Segundo o Ministério do Planejamento, o custo do reajuste do Bolsa Família, neste ano, será de R$ 5,8 bilhões. Para 2027, o impacto nas despesas será de R$ 22,7 bilhões.

Em agosto, o governo enviou ao Legislativo a proposta de orçamento para 2027 sem contemplar aumento nos valores do programa.

O que diz o governo

O Ministério da Fazenda informou que o reajuste do Bolsa Família apenas repõe as perdas inflacionárias dos últimos anos, o que não equivaleria a um aumento do benefício social.

De acordo com a Advocacia-Geral da União (AGU), a lei que instituiu o novo Bolsa Família, em 2023, autoriza o Poder Executivo a “corrigir os valores dos benefícios e proíbe sua redução”.

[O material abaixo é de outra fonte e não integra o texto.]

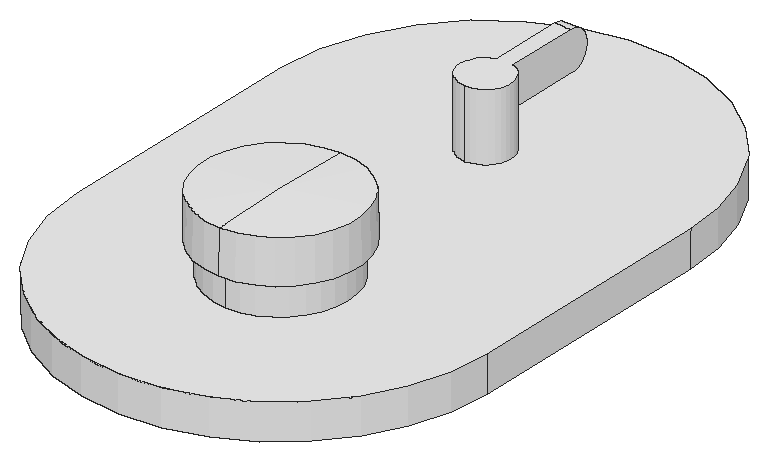
Revit family "Grohe_EurosmartCosmopolitanT_ShowerMixer_36321000", category Plumbing Fixtures, host Face, Revit 2018
Family settings
  Host = Face
  Round Connector Dimension = Use Diameter
  Part Type = Normal
  OmniClass Number = 23.65.05.11.11
  OmniClass Title = Water Supply Systems
  Cut with Voids When Loaded = No
  Shared = No
  Room Calculation Point = No
Parameters (values of type "36321000")
  _ObjectUserGuide = "https://www.bimstore.co/products/eurosmart-cosmopolitan-t-self-closing-shower-mixer-36321000/document/object-user-guide"
  _DistributedBy = "https://www.bimstore.co"
  _CurrentRevision = 1
  _CreatedBy = "https://www.bimstore.co"
  _BimSpecGuid = 0
  _BSBibleVersion = 16
  _AuthorizedBy = "bimstore"
  _Author = "JY"
  WarrantyStartDate [instance] = "Please Record On Commissioning."
  WarrantyGuarantorParts = "https://www.grohe.co.uk"
  WarrantyGuarantorLabor = "https://www.grohe.co.uk"
  WarrantyDurationUnit = "Years"
  WarrantyDurationParts = "0"
  WarrantyDurationLabor = "0"
  WarrantyDescription = "n/a"
  URL = "https://www.grohe.co.uk/en_gb/self-closing-shower-mixer-1-2-with-mixing-device-and-adjustable-temperature-limiter-36321000.html"
  TypeName = "Eurosmart Cosmopolitan T Shower Mixer"
  Type Comments = "36321000"
  SustainabilityReport = "green.grohe.com/reporting"
  SustainabilityAward = "green.grohe.com/awards"
  SpareParts = "n/a"
  Size = "195mm(H)x120mm(W)x10mm(D)"
  Shape = "n/a"
  SerialNumber [instance] = "Please Record On Commissioning."
  ReplacementCost = "n/a"
  ReferencedStandard = "n/a"
  ProductionYear = "2021"
  ProductNumber = "36321000"
  NominalLength = 120.0 mm
  NominalHeight = 195.0 mm
  NominalDepth = 10.5 mm
  NBSReference = "45-35-70/315"
  NBSOfficeMasterTag = "n/a"
  NBSObjectName = "Grohe - Water supply fittings"
  NBSNote = "n/a"
  NBSDescription = "Water supply fittings"
  ModelReference = "Nova Cosmopolitan S Flush Plate"
  ModelNumber = "36321000"
  Model = "Eurosmart Cosmopolitan T Shower Mixer"
  Material = "Chrome"
  ManufacturerName = "Grohe"
  Manufacturer = "Grohe"
  Keynote = "N13"
  InstallationVideo = "n/a"
  InstallationDate [instance] = "Please Record On Commissioning."
  IfcExportType = "IfcPipeFittingType"
  IfcExportAs = "IfcPipeFitting"
  Grade = "n/a"
  GROHESustainability = "green.grohe.com"
  GROHESocialCommittment = "green.grohe.com/social_engagement"
  FullRecyclabilityOfPlastic = "All plastic components are fully recycable"
  Finish = "n/a"
  Features = "n/a"
  ExpectedLife = 0
  EF025099 = "7-30"
  EF024897 = "Glossy"
  EF020791 = "Brass"
  EF020785 = "3/8 inch"
  EF020781 = "Top section, non-ceramic"
  EF006974 = "Manually operated"
  EF002671 = "Chrome"
  EF002286 = "Hose (gland nut)"
  EF002147 = "Hand"
  EF000139 = "Chromium-plated"
  EF000003 = "Wall built-in"
  DurationUnit = "Years"
  DocumentationTechnical = "https://www.bimstore.co/products/eurosmart-cosmopolitan-t-self-closing-shower-mixer-36321000/document/technical-data-sheet"
  DocumentationMaintenance = "https://www.bimstore.co/products/eurosmart-cosmopolitan-t-self-closing-shower-mixer-36321000/document/maintenance-information"
  DocumentationLiterature = "https://www.bimstore.co/products/eurosmart-cosmopolitan-t-self-closing-shower-mixer-36321000/document/product-literature"
  DocumentationInstallationGuide = "https://www.bimstore.co/products/eurosmart-cosmopolitan-t-self-closing-shower-mixer-36321000/document/installation-guide"
  DocumentationCertificates = "https://www.bimstore.co/products/eurosmart-cosmopolitan-t-self-closing-shower-mixer-36321000/document/product-certificates"
  Description = "A functional fusion of minimalist design and user-friendly technology! With its sleek lines the self-closing GROHE Eurosmart Cosmopolitan T shower mixer mixing device complements any modern bathroom. Built to last with GROHE’s innovative technology, it has a built-in temperature limiter and three adjustable flow times of 7, 15 and 30 seconds* which reduce water wastage and any risk of flooding. It is a delight to use and comes with a mixing device that adjusts the water temperature."
  Default Elevation = 0.0 mm
  CreatedOn = "2021-07-22T:09:00:00"
  CreatedBy = "https://www.grohe.co.uk"
  CradleToCradleCertification = "n/a"
  Cost = 0
  Constituents = "n/a"
  Color = "Chrome"
  CodePerformance = "n/a"
  ClassificationValue = "Pr_40_20_87_07"
  ClassificationName = "Uniclass2015"
  CO2NeutralProduction = "GROHE is one of the first leading manufacturer within the sanitary industry having a CO2-neutral production."
  BarCode [instance] = "Please Record On Commissioning."
  BIMObjectName = "Grohe_EurosmartCosmopolitanT_ShowerMixer_36321000"
  AssetType = "Fixed"
  AssetIdentifier [instance] = "n/a"
  Assembly Code = "C1030200"
  AccessibilityPerformance = "n/a"
Reference planes
  plane 1 "Center (Front/Back)": y = 0
  plane 2: z = 0
  plane 3 "Center (Left/Right)": x = 0
  plane 4: x = 59.839
  plane 5: x = -60.161
  plane 6: y = 97.169
  plane 7: y = -97.831
  plane 8: z = 10.503
Forms (mm)
  Extrusion 1, solid, material "Grohe - Chrome"
    sketch origin (0, 0, 0) x (1, 0, 0) y (0, 1, 0)
      loop
        arc (-60.161, -37.367) -> (0, -97.528) -> (60.161, -37.367) r 60.161
        line (60.161, -37.367) -> (60.161, 37.352)
        arc (60.161, 37.352) -> (0, 97.512) -> (-60.161, 37.352) r 60.161
        line (-60.161, 37.352) -> (-60.161, -37.367)
    from 0 to 10.503
  Revolve 2, solid, material "Grohe - Chrome"
    sketch origin (0, 0, 0) x (0, 1, 0) y (0, 0, 1)
      loop
        line (-58.019, 10.503) -> (-38.163, 10.503) -> (-38.163, 33.231)
        arc (-38.163, 33.231) -> (-49.303, 33.025) -> (-60.441, 32.73) r 1380.176
        line (-60.441, 32.73) -> (-60.663, 20.02) -> (-58.019, 20.02) -> (-58.019, 10.503)
      axis (-38.163, 33.231) -> (-38.163, 10.503)
    angle from 0 to 360
  Revolve 3, solid, material "Grohe - Chrome"
    sketch origin (0, 0, 0) x (0, 1, 0) y (0, 0, 1)
      loop
        line (29.689, 30.3) -> (29.689, 10.503) -> (37.161, 10.503) -> (37.161, 30.3) -> (29.689, 30.3)
      axis (37.161, 30.3) -> (37.161, 10.503)
    angle from 0 to 360
  Extrusion 4, solid, material "Grohe - Chrome"
    sketch origin (0, 0, 0) x (0, 1, 0) y (0, 0, 1)
      loop
        line (65.504, 30.3) -> (37.68, 30.3) -> (37.68, 18.8) -> (65.504, 18.8)
        arc (65.504, 18.8) -> (71.254, 24.55) -> (65.504, 30.3) r 5.75
    from -2.47 to 2.43
Cuts and joins
  joined: Revolve 3, Extrusion 4
Dimensions and locks
  "NominalLength": plane 5 to plane 4
  "NominalHeight": plane 6 to plane 7
  plane 8 to level = 10.503 mm
  aligned and locked: plane 2 to host face
  aligned and locked: level to host face
Automatic sketch dimensions
  host sketch curve to host sketch curve = 2438.4 mm  (x2)
  Extrusion 1 sketch curve to plane 5 = 0.0 mm
  Extrusion 1 sketch curve to plane 3 "Center (Left/Right)" = 0.0 mm
  plane 1 "Center (Front/Back)" to Extrusion 1 sketch curve = 37.367 mm
  Extrusion 1 sketch curve to plane 1 "Center (Front/Back)" = 37.352 mm
  Revolve 2 sketch curve to plane 8 = 0.0 mm
  plane 8 to Revolve 2 sketch curve = 9.517 mm
  plane 7 to Revolve 2 sketch curve = 37.168 mm
  Revolve 2 sketch curve to Revolve 2 sketch curve = 0.222 mm
  Revolve 2 sketch curve to Revolve 2 sketch curve = 2.644 mm
  Revolve 2 sketch curve to Revolve 2 sketch curve = 19.856 mm
  plane 1 "Center (Front/Back)" to Revolve 2 sketch curve = 18.279 mm
  Revolve 2 sketch curve to level = 1346.802 mm
  Revolve 2 sketch curve to Revolve 2 sketch curve = 12.71 mm
  Revolve 2 sketch curve to level = 6.78 mm
  Revolve 2 sketch curve to Revolve 2 sketch curve = 0.0 mm
  Revolve 2 sketch curve to Revolve 2 sketch curve = 15.0 mm
  Revolve 3 sketch curve to plane 8 = 0.0 mm
  Revolve 3 sketch curve to plane 1 "Center (Front/Back)" = 29.689 mm
  Revolve 3 sketch curve to Revolve 3 sketch curve = 7.472 mm
  Revolve 3 sketch curve to Revolve 3 sketch curve = 19.797 mm
  Revolve 3 sketch curve to Revolve 3 sketch curve = 0.0 mm  (x2)
  level to Revolve 3 sketch curve = 3.533 mm
  plane 8 to Extrusion 4 sketch curve = 19.797 mm
  Extrusion 4 sketch curve to plane 1 "Center (Front/Back)" = 37.68 mm
  Extrusion 4 sketch curve to Extrusion 4 sketch curve = 27.825 mm
  Extrusion 4 sketch curve to Extrusion 4 sketch curve = 5.75 mm

“Ao editar o ato, o Governo Federal exerce, portanto, a competência que o Congresso Nacional lhe atribuiu”, acrescentou o orgão em posicionamento divulgado à imprensa.

Segundo a AGU, a correção do benefício pela inflação, sem a ampliação do público beneficiado, está “fora do alcance de qualquer vedação eleitoral”.